→ Material provided:
************

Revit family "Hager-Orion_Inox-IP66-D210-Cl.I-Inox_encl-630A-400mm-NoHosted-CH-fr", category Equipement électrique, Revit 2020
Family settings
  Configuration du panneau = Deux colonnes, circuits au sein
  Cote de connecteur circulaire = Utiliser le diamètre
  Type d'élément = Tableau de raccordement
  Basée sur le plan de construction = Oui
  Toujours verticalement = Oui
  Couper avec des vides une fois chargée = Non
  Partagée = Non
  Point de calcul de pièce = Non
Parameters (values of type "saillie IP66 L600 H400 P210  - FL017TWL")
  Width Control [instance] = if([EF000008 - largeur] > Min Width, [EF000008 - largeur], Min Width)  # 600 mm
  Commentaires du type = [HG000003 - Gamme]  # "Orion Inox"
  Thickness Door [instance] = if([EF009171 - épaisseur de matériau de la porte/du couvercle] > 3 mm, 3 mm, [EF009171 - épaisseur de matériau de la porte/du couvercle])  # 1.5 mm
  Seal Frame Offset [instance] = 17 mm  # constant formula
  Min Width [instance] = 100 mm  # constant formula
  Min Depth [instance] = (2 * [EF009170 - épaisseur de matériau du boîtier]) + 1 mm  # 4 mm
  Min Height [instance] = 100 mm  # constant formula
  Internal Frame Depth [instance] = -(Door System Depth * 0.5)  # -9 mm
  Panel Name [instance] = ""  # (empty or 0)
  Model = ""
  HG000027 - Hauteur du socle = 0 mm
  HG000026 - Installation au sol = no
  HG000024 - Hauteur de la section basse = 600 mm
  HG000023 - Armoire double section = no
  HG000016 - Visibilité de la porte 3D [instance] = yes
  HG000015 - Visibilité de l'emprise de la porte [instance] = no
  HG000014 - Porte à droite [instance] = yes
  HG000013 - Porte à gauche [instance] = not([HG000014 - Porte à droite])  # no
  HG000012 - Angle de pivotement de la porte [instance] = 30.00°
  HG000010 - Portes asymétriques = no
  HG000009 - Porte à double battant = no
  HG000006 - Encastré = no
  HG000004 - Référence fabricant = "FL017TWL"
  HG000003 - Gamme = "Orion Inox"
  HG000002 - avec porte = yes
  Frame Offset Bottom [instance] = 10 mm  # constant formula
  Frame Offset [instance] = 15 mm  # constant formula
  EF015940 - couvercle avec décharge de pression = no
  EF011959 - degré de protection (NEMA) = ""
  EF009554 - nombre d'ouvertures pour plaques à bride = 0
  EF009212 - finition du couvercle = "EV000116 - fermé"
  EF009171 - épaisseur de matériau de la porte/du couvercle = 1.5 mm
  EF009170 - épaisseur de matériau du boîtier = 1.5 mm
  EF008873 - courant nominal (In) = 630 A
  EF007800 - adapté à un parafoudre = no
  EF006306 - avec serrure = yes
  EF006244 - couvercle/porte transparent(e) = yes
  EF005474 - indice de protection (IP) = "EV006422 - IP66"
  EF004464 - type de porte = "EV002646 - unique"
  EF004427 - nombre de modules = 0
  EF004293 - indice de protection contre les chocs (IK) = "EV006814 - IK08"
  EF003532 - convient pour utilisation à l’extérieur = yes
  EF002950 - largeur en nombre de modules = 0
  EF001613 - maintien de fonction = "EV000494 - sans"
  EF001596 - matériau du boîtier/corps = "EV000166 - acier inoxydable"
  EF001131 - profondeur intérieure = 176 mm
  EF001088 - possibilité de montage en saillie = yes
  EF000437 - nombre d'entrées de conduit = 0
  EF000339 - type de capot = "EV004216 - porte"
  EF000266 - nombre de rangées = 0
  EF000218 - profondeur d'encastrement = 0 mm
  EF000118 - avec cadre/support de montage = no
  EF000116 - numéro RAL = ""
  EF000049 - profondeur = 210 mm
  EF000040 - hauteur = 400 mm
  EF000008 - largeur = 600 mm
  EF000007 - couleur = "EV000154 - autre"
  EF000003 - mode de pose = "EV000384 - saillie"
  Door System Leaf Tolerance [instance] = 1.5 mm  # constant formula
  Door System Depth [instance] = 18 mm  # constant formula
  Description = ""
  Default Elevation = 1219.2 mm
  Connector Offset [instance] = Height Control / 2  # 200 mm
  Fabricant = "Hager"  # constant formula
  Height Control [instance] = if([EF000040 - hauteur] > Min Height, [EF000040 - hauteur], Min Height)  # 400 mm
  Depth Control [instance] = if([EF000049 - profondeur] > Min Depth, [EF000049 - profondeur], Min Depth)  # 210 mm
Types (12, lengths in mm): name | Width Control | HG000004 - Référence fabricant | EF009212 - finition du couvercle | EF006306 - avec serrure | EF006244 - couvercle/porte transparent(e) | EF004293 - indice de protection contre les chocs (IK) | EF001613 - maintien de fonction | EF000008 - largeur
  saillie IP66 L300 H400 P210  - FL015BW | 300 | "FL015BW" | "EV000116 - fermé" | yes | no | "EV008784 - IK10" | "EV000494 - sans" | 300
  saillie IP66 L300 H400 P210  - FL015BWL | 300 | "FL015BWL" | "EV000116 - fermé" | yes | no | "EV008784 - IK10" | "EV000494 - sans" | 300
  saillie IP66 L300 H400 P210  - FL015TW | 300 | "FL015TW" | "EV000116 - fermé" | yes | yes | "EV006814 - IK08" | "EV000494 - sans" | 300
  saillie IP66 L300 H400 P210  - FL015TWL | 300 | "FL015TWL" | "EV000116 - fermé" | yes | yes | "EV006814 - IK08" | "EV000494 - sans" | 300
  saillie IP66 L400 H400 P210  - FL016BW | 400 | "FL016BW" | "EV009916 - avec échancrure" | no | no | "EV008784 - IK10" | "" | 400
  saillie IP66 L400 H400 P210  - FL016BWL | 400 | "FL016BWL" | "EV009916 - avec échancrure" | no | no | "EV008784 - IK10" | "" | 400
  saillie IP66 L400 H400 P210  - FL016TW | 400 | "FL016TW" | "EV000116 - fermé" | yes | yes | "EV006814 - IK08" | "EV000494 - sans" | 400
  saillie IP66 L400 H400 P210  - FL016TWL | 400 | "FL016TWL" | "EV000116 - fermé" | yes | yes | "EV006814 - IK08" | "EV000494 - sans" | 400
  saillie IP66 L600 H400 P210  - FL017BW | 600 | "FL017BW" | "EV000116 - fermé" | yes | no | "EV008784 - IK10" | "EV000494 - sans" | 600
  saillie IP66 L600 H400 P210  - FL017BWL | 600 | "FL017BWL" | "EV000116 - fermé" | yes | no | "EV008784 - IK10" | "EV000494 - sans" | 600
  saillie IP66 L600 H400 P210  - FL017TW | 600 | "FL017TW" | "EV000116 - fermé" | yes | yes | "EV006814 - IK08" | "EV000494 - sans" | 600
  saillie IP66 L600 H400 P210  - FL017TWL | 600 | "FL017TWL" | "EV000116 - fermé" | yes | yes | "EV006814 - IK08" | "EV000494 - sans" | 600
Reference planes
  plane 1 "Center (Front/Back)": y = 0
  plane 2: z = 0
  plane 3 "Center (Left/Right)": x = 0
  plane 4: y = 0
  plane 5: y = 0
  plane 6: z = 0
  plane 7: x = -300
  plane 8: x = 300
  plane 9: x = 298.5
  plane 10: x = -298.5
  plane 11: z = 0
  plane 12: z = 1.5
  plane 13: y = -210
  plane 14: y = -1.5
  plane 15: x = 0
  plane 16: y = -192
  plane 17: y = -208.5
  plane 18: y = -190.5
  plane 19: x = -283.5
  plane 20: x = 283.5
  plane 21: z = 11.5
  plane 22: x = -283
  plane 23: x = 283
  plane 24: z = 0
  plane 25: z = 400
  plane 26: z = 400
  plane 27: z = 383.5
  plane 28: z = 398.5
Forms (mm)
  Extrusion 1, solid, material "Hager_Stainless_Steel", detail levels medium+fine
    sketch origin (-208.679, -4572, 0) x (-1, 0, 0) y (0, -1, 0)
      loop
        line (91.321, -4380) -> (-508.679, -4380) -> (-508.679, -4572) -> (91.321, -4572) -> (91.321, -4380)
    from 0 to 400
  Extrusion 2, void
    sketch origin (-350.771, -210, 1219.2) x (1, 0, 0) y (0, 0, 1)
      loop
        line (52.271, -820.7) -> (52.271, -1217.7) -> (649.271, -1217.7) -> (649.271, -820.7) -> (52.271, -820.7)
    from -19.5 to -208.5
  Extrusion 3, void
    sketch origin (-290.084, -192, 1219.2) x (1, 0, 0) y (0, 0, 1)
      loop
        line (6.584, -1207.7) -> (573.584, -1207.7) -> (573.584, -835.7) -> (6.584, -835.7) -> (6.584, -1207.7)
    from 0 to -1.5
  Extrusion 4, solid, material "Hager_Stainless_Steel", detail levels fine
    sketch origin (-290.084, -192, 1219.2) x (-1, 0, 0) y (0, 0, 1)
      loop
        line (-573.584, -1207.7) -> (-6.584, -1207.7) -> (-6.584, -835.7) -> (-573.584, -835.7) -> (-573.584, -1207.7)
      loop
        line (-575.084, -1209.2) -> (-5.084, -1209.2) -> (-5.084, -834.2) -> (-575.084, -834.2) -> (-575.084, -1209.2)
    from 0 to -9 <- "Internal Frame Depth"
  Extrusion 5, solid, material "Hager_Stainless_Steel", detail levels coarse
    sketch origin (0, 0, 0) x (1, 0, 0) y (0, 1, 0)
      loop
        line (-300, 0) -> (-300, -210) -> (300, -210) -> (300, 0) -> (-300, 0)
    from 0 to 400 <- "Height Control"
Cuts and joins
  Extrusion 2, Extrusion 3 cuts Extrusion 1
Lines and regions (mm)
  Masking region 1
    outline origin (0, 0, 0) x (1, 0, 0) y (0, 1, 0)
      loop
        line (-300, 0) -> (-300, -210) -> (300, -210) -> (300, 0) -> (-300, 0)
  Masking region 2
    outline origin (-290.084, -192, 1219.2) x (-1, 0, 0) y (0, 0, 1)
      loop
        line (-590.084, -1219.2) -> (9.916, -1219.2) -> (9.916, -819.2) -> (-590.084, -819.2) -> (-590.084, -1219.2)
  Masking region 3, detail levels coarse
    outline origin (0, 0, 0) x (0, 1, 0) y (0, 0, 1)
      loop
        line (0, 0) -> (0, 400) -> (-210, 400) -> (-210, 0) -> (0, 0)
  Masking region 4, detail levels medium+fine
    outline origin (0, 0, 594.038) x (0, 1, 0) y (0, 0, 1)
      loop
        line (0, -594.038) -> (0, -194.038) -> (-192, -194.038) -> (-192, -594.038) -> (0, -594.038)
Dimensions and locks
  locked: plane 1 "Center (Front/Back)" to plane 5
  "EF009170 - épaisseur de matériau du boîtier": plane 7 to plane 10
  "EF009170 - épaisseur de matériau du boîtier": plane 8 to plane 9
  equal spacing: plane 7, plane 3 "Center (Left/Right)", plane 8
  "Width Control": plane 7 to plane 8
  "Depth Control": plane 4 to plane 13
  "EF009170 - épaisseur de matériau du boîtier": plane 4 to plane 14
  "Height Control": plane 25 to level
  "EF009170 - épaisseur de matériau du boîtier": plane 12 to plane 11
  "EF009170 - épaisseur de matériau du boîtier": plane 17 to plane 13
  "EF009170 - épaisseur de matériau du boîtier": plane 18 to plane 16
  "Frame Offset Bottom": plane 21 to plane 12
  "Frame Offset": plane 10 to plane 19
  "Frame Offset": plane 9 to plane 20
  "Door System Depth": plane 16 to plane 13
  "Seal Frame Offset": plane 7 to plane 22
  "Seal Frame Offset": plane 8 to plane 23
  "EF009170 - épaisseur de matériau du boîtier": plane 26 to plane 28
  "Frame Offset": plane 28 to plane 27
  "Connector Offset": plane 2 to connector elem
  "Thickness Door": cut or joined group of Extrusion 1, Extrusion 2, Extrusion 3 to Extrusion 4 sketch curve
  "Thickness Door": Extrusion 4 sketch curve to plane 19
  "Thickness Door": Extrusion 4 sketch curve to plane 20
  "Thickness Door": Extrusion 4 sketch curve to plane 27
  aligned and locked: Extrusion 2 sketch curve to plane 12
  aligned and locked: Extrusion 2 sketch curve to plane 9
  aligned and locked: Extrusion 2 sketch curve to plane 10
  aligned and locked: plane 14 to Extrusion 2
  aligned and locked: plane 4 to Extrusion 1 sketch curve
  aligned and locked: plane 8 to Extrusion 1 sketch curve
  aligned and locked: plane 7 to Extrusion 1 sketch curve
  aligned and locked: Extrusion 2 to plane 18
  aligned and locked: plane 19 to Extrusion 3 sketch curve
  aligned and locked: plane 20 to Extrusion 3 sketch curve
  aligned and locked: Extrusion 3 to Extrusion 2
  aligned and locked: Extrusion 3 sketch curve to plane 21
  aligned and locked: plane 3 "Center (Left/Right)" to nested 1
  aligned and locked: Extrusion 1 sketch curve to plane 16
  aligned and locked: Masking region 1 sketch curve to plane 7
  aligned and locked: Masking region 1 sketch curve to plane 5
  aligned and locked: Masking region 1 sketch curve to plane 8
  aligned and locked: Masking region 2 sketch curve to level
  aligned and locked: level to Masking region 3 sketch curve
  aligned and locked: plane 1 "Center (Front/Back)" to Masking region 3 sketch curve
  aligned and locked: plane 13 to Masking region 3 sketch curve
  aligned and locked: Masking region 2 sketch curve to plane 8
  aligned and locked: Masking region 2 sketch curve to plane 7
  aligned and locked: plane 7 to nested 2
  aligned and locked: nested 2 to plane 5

************

→ Action item:
Copy each line of the listing that carries the word "Bottom".

→ Solution for this task:
  Frame Offset Bottom [instance] = 10 mm  # constant formula
  "Frame Offset Bottom": plane 21 to plane 12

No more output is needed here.